Stored entries:
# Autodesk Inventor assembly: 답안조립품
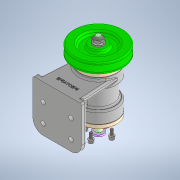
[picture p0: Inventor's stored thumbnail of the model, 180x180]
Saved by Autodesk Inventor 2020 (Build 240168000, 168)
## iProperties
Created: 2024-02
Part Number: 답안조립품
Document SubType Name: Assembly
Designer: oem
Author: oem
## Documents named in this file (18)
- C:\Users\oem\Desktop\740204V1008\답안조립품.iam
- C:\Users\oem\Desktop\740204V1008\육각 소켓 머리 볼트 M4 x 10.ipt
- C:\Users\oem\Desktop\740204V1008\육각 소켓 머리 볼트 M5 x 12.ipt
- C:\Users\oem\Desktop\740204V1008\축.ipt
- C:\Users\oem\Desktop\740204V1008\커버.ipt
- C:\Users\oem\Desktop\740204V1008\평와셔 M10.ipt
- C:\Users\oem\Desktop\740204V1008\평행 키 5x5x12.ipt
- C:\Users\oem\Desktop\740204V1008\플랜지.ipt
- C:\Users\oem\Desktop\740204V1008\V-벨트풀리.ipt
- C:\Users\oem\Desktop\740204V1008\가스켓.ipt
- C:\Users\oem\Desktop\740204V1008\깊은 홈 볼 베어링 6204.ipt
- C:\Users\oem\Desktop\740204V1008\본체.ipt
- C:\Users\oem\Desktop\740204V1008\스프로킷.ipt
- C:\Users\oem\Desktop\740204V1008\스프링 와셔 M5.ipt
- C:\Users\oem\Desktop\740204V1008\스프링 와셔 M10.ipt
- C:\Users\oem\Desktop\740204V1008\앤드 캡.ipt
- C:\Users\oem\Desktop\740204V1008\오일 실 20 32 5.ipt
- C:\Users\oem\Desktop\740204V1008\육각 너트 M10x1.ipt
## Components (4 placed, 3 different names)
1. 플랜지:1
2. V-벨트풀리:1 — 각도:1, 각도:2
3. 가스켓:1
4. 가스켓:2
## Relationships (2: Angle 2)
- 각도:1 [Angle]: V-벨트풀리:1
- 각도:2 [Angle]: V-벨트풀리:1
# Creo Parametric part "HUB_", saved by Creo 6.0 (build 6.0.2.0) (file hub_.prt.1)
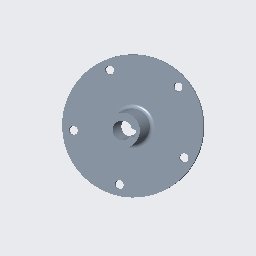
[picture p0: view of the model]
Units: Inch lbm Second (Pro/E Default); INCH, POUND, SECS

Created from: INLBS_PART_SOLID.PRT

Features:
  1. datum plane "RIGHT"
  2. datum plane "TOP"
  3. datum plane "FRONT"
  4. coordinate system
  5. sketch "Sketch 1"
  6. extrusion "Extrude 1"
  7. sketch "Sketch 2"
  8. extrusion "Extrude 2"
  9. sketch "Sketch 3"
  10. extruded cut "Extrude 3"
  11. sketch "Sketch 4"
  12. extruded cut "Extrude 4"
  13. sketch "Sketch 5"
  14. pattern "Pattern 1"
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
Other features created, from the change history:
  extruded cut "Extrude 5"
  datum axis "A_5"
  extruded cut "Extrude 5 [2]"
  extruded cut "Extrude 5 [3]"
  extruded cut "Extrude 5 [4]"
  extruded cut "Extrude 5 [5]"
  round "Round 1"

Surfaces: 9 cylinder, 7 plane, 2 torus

§ **Task brief**:
All the records above must be retyped exactly, except for their pictures.

§ **Result**:
# Autodesk Inventor assembly: 답안조립품
[picture p0: Inventor's stored thumbnail of the model, 180x180]
Saved by Autodesk Inventor 2020 (Build 240168000, 168)
## iProperties
Created: 2024-02
Part Number: 답안조립품
Document SubType Name: Assembly
Designer: oem
Author: oem
## Documents named in this file (18)
- C:\Users\oem\Desktop\740204V1008\답안조립품.iam
- C:\Users\oem\Desktop\740204V1008\육각 소켓 머리 볼트 M4 x 10.ipt
- C:\Users\oem\Desktop\740204V1008\육각 소켓 머리 볼트 M5 x 12.ipt
- C:\Users\oem\Desktop\740204V1008\축.ipt
- C:\Users\oem\Desktop\740204V1008\커버.ipt
- C:\Users\oem\Desktop\740204V1008\평와셔 M10.ipt
- C:\Users\oem\Desktop\740204V1008\평행 키 5x5x12.ipt
- C:\Users\oem\Desktop\740204V1008\플랜지.ipt
- C:\Users\oem\Desktop\740204V1008\V-벨트풀리.ipt
- C:\Users\oem\Desktop\740204V1008\가스켓.ipt
- C:\Users\oem\Desktop\740204V1008\깊은 홈 볼 베어링 6204.ipt
- C:\Users\oem\Desktop\740204V1008\본체.ipt
- C:\Users\oem\Desktop\740204V1008\스프로킷.ipt
- C:\Users\oem\Desktop\740204V1008\스프링 와셔 M5.ipt
- C:\Users\oem\Desktop\740204V1008\스프링 와셔 M10.ipt
- C:\Users\oem\Desktop\740204V1008\앤드 캡.ipt
- C:\Users\oem\Desktop\740204V1008\오일 실 20 32 5.ipt
- C:\Users\oem\Desktop\740204V1008\육각 너트 M10x1.ipt
## Components (4 placed, 3 different names)
1. 플랜지:1
2. V-벨트풀리:1 — 각도:1, 각도:2
3. 가스켓:1
4. 가스켓:2
## Relationships (2: Angle 2)
- 각도:1 [Angle]: V-벨트풀리:1
- 각도:2 [Angle]: V-벨트풀리:1
# Creo Parametric part "HUB_", saved by Creo 6.0 (build 6.0.2.0) (file hub_.prt.1)
[picture p0: view of the model]
Units: Inch lbm Second (Pro/E Default); INCH, POUND, SECS

Created from: INLBS_PART_SOLID.PRT

Features:
  1. datum plane "RIGHT"
  2. datum plane "TOP"
  3. datum plane "FRONT"
  4. coordinate system
  5. sketch "Sketch 1"
  6. extrusion "Extrude 1"
  7. sketch "Sketch 2"
  8. extrusion "Extrude 2"
  9. sketch "Sketch 3"
  10. extruded cut "Extrude 3"
  11. sketch "Sketch 4"
  12. extruded cut "Extrude 4"
  13. sketch "Sketch 5"
  14. pattern "Pattern 1"

Other features created, from the change history:
  extruded cut "Extrude 5"
  datum axis "A_5"
  extruded cut "Extrude 5 [2]"
  extruded cut "Extrude 5 [3]"
  extruded cut "Extrude 5 [4]"
  extruded cut "Extrude 5 [5]"
  round "Round 1"

Surfaces: 9 cylinder, 7 plane, 2 torus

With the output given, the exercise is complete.